■ Goal of the exercise
Below is a listing. Quote from it, exactly, the lines from the one containing "#1188=AXIS2_PLACEMENT_3D('',#1612,#1396,#1397);" down to the one containing "#1613=CARTESIAN_POINT('',(-18.311,-45.573,-188.97));", both ends included, and nothing else.

■ Available data
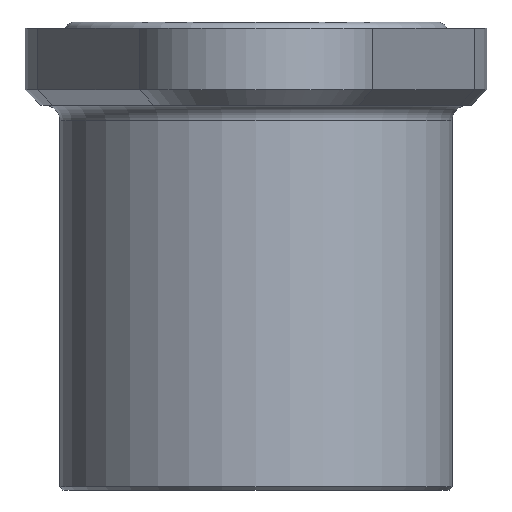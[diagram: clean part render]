
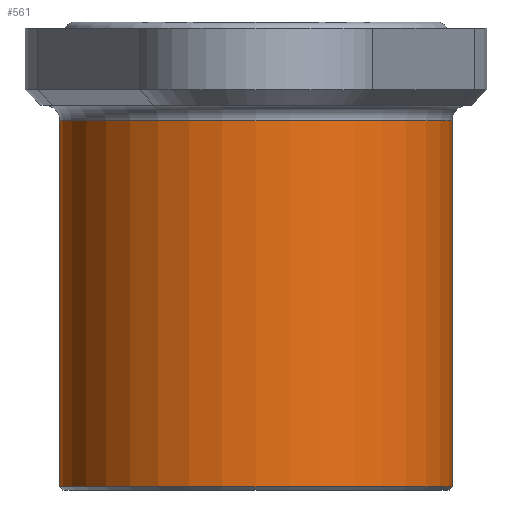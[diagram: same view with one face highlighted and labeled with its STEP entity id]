
A CAD part, left-side view. The second image highlights one B-rep face of the part: STEP entity #561.
In plain terms, the highlighted cylindrical face has radius 12.75 mm (diameter 25.5 mm), a full revolution.
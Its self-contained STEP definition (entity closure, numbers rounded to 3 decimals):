
#515=CYLINDRICAL_SURFACE('',#1190,12.75);
#561=ADVANCED_FACE('',(#684,#685),#515,.T.);
#684=FACE_BOUND('',#770,.T.);
#685=FACE_BOUND('',#771,.T.);
#770=EDGE_LOOP('',(#916));
#771=EDGE_LOOP('',(#917));
#916=ORIENTED_EDGE('',*,*,#1052,.T.);
#917=ORIENTED_EDGE('',*,*,#1053,.T.);
#977=VERTEX_POINT('',#1613);
#978=VERTEX_POINT('',#1615);
#1052=EDGE_CURVE('',#977,#977,#1097,.T.);
#1053=EDGE_CURVE('',#978,#978,#1098,.T.);
#1097=CIRCLE('',#1188,12.75);
#1098=CIRCLE('',#1189,12.75);
#1188=AXIS2_PLACEMENT_3D('',#1612,#1396,#1397);
#1189=AXIS2_PLACEMENT_3D('',#1614,#1398,#1399);
#1190=AXIS2_PLACEMENT_3D('',#1616,#1400,#1401);
#1396=DIRECTION('',(0.,0.,1.));
#1397=DIRECTION('',(-1.,0.,0.));
#1398=DIRECTION('',(0.,0.,-1.));
#1399=DIRECTION('',(1.,0.,0.));
#1400=DIRECTION('',(0.,0.,1.));
#1401=DIRECTION('',(1.,0.,0.));
#1612=CARTESIAN_POINT('',(-5.561,-45.573,-188.97));
#1613=CARTESIAN_POINT('',(-18.311,-45.573,-188.97));
#1614=CARTESIAN_POINT('',(-5.561,-45.573,-165.17));
#1615=CARTESIAN_POINT('',(7.189,-45.573,-165.17));
#1616=CARTESIAN_POINT('',(-5.561,-45.573,-189.17));

■ Result
#1188=AXIS2_PLACEMENT_3D('',#1612,#1396,#1397);
#1189=AXIS2_PLACEMENT_3D('',#1614,#1398,#1399);
#1190=AXIS2_PLACEMENT_3D('',#1616,#1400,#1401);
#1396=DIRECTION('',(0.,0.,1.));
#1397=DIRECTION('',(-1.,0.,0.));
#1398=DIRECTION('',(0.,0.,-1.));
#1399=DIRECTION('',(1.,0.,0.));
#1400=DIRECTION('',(0.,0.,1.));
#1401=DIRECTION('',(1.,0.,0.));
#1612=CARTESIAN_POINT('',(-5.561,-45.573,-188.97));
#1613=CARTESIAN_POINT('',(-18.311,-45.573,-188.97));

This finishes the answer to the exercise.